◆ Required work:
What's needed is the listing below, repeated word for word with no pictures.

◆ Task inputs:
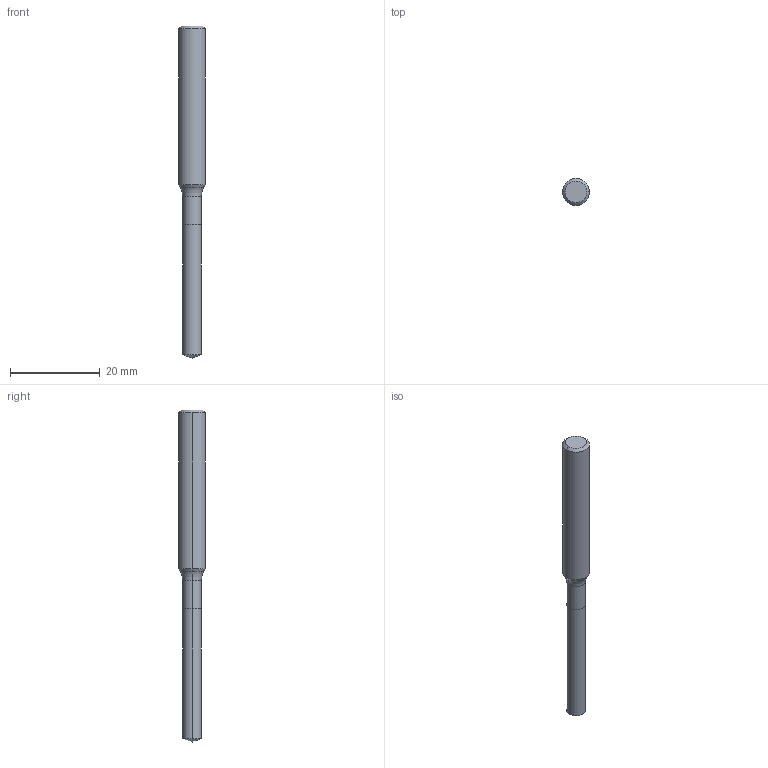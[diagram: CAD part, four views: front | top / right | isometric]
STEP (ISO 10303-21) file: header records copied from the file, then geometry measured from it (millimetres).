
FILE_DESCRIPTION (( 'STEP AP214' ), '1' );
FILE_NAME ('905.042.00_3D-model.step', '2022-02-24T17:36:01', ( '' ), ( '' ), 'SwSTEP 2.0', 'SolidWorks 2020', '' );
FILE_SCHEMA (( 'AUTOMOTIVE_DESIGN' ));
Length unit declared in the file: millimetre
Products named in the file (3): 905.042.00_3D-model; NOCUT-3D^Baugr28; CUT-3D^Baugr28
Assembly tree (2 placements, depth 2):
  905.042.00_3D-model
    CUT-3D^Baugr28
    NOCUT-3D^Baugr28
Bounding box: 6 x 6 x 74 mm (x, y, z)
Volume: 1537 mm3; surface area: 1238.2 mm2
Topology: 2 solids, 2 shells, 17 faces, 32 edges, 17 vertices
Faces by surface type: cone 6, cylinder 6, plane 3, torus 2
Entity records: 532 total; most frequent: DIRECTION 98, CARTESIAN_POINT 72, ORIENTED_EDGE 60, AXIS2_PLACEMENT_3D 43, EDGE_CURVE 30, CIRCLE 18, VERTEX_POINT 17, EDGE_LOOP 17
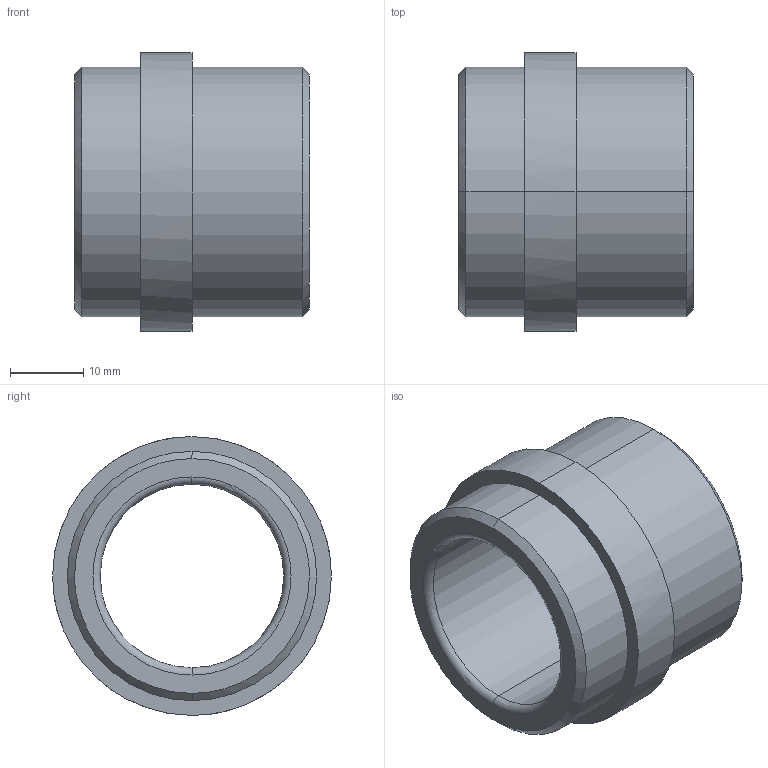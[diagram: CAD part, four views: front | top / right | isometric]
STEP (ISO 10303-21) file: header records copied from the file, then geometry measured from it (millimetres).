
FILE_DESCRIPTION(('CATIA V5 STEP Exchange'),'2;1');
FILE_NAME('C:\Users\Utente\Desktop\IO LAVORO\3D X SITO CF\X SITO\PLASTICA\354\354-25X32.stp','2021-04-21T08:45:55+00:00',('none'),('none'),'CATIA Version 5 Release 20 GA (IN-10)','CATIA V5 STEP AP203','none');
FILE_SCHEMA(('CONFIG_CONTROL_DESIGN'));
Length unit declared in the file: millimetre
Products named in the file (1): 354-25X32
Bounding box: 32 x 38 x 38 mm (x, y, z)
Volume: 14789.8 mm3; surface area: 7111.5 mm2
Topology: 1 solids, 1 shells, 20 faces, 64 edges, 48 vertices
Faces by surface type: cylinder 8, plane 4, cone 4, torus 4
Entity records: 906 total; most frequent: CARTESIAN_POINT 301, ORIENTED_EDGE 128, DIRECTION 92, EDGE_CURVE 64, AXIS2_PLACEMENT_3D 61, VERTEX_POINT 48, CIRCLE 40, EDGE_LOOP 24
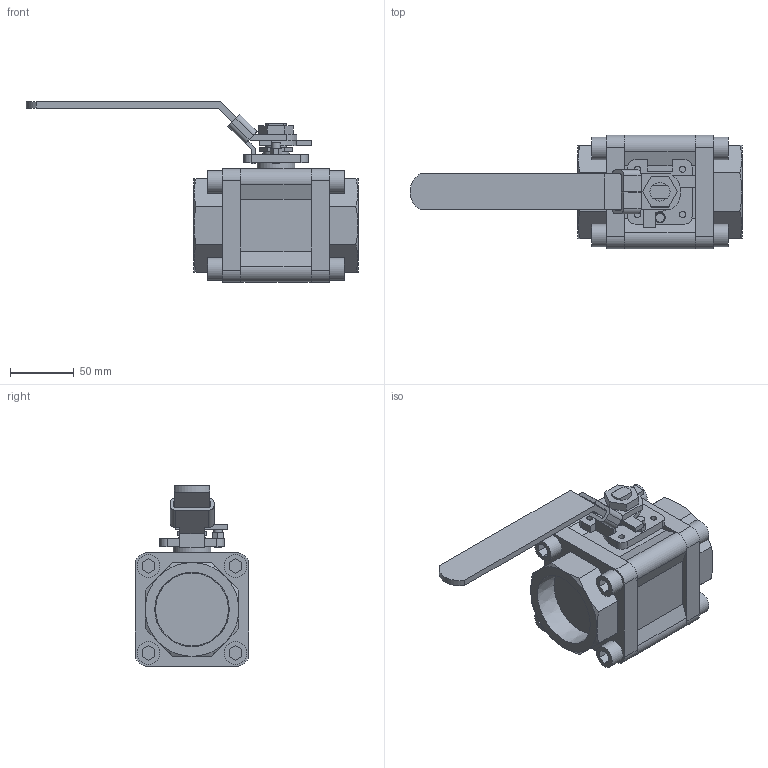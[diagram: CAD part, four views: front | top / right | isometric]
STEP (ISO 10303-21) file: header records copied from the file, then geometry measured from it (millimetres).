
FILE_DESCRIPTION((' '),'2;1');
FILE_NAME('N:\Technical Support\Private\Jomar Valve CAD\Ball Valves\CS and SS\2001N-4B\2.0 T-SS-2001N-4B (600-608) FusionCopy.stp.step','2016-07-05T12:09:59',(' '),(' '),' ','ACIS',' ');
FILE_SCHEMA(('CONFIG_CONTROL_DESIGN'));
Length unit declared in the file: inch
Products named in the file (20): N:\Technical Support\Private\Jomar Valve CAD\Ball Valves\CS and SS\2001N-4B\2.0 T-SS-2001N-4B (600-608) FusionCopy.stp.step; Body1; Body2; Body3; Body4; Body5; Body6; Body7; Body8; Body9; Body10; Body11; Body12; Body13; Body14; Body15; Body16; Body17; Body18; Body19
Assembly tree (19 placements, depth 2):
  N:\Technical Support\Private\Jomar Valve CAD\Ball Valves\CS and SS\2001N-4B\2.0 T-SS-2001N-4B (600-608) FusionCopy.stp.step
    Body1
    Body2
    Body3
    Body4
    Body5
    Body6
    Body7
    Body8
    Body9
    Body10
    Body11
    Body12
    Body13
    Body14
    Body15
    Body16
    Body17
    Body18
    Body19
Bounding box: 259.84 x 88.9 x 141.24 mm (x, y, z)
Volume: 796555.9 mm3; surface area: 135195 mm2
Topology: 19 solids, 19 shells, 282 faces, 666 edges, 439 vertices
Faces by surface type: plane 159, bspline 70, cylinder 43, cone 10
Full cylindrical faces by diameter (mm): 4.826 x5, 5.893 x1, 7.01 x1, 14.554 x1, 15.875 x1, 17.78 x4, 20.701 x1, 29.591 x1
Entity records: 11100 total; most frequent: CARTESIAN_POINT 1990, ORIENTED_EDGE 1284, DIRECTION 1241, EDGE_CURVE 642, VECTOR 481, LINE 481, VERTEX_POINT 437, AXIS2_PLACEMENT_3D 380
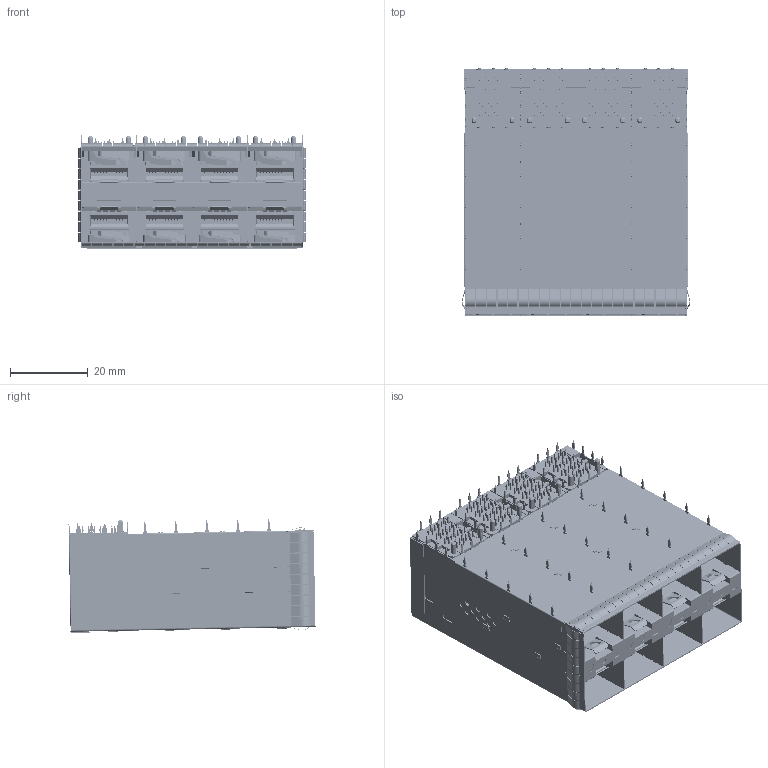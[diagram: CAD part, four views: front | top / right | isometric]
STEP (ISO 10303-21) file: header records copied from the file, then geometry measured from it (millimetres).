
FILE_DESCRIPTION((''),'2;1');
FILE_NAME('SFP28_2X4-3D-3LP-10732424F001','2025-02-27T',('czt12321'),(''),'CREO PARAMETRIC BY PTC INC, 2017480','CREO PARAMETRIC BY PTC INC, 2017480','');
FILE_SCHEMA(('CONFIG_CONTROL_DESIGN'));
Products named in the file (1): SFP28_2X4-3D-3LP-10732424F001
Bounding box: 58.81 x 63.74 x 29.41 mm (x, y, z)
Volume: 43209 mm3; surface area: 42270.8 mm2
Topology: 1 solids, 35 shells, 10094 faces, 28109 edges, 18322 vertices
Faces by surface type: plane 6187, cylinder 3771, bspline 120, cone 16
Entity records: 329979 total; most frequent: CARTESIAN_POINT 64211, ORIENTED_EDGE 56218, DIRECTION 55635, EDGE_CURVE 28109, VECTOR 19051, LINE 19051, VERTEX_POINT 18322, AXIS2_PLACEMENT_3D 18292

◆ Answer to the problem:
[diagram: CAD part, four views: front | top / right | isometric]
STEP (ISO 10303-21) file: header records copied from the file, then geometry measured from it (millimetres).
FILE_DESCRIPTION (( 'STEP AP214' ), '1' );
FILE_NAME ('905.042.00_3D-model.step', '2022-02-24T17:36:01', ( '' ), ( '' ), 'SwSTEP 2.0', 'SolidWorks 2020', '' );
FILE_SCHEMA (( 'AUTOMOTIVE_DESIGN' ));
Length unit declared in the file: millimetre
Products named in the file (3): 905.042.00_3D-model; NOCUT-3D^Baugr28; CUT-3D^Baugr28
Assembly tree (2 placements, depth 2):
  905.042.00_3D-model
    CUT-3D^Baugr28
    NOCUT-3D^Baugr28
Bounding box: 6 x 6 x 74 mm (x, y, z)
Volume: 1537 mm3; surface area: 1238.2 mm2
Topology: 2 solids, 2 shells, 17 faces, 32 edges, 17 vertices
Faces by surface type: cone 6, cylinder 6, plane 3, torus 2
Entity records: 532 total; most frequent: DIRECTION 98, CARTESIAN_POINT 72, ORIENTED_EDGE 60, AXIS2_PLACEMENT_3D 43, EDGE_CURVE 30, CIRCLE 18, VERTEX_POINT 17, EDGE_LOOP 17
[diagram: CAD part, four views: front | top / right | isometric]
STEP (ISO 10303-21) file: header records copied from the file, then geometry measured from it (millimetres).
FILE_DESCRIPTION(('CATIA V5 STEP Exchange'),'2;1');
FILE_NAME('C:\Users\Utente\Desktop\IO LAVORO\3D X SITO CF\X SITO\PLASTICA\354\354-25X32.stp','2021-04-21T08:45:55+00:00',('none'),('none'),'CATIA Version 5 Release 20 GA (IN-10)','CATIA V5 STEP AP203','none');
FILE_SCHEMA(('CONFIG_CONTROL_DESIGN'));
Length unit declared in the file: millimetre
Products named in the file (1): 354-25X32
Bounding box: 32 x 38 x 38 mm (x, y, z)
Volume: 14789.8 mm3; surface area: 7111.5 mm2
Topology: 1 solids, 1 shells, 20 faces, 64 edges, 48 vertices
Faces by surface type: cylinder 8, plane 4, cone 4, torus 4
Entity records: 906 total; most frequent: CARTESIAN_POINT 301, ORIENTED_EDGE 128, DIRECTION 92, EDGE_CURVE 64, AXIS2_PLACEMENT_3D 61, VERTEX_POINT 48, CIRCLE 40, EDGE_LOOP 24
[diagram: CAD part, four views: front | top / right | isometric]
STEP (ISO 10303-21) file: header records copied from the file, then geometry measured from it (millimetres).
FILE_DESCRIPTION((' '),'2;1');
FILE_NAME('N:\Technical Support\Private\Jomar Valve CAD\Ball Valves\CS and SS\2001N-4B\2.0 T-SS-2001N-4B (600-608) FusionCopy.stp.step','2016-07-05T12:09:59',(' '),(' '),' ','ACIS',' ');
FILE_SCHEMA(('CONFIG_CONTROL_DESIGN'));
Length unit declared in the file: inch
Products named in the file (20): N:\Technical Support\Private\Jomar Valve CAD\Ball Valves\CS and SS\2001N-4B\2.0 T-SS-2001N-4B (600-608) FusionCopy.stp.step; Body1; Body2; Body3; Body4; Body5; Body6; Body7; Body8; Body9; Body10; Body11; Body12; Body13; Body14; Body15; Body16; Body17; Body18; Body19
Assembly tree (19 placements, depth 2):
  N:\Technical Support\Private\Jomar Valve CAD\Ball Valves\CS and SS\2001N-4B\2.0 T-SS-2001N-4B (600-608) FusionCopy.stp.step
    Body1
    Body2
    Body3
    Body4
    Body5
    Body6
    Body7
    Body8
    Body9
    Body10
    Body11
    Body12
    Body13
    Body14
    Body15
    Body16
    Body17
    Body18
    Body19
Bounding box: 259.84 x 88.9 x 141.24 mm (x, y, z)
Volume: 796555.9 mm3; surface area: 135195 mm2
Topology: 19 solids, 19 shells, 282 faces, 666 edges, 439 vertices
Faces by surface type: plane 159, bspline 70, cylinder 43, cone 10
Full cylindrical faces by diameter (mm): 4.826 x5, 5.893 x1, 7.01 x1, 14.554 x1, 15.875 x1, 17.78 x4, 20.701 x1, 29.591 x1
Entity records: 11100 total; most frequent: CARTESIAN_POINT 1990, ORIENTED_EDGE 1284, DIRECTION 1241, EDGE_CURVE 642, VECTOR 481, LINE 481, VERTEX_POINT 437, AXIS2_PLACEMENT_3D 380
[diagram: CAD part, four views: front | top / right | isometric]
STEP (ISO 10303-21) file: header records copied from the file, then geometry measured from it (millimetres).
FILE_DESCRIPTION((''),'2;1');
FILE_NAME('SFP28_2X4-3D-3LP-10732424F001','2025-02-27T',('czt12321'),(''),'CREO PARAMETRIC BY PTC INC, 2017480','CREO PARAMETRIC BY PTC INC, 2017480','');
FILE_SCHEMA(('CONFIG_CONTROL_DESIGN'));
Products named in the file (1): SFP28_2X4-3D-3LP-10732424F001
Bounding box: 58.81 x 63.74 x 29.41 mm (x, y, z)
Volume: 43209 mm3; surface area: 42270.8 mm2
Topology: 1 solids, 35 shells, 10094 faces, 28109 edges, 18322 vertices
Faces by surface type: plane 6187, cylinder 3771, bspline 120, cone 16
Entity records: 329979 total; most frequent: CARTESIAN_POINT 64211, ORIENTED_EDGE 56218, DIRECTION 55635, EDGE_CURVE 28109, VECTOR 19051, LINE 19051, VERTEX_POINT 18322, AXIS2_PLACEMENT_3D 18292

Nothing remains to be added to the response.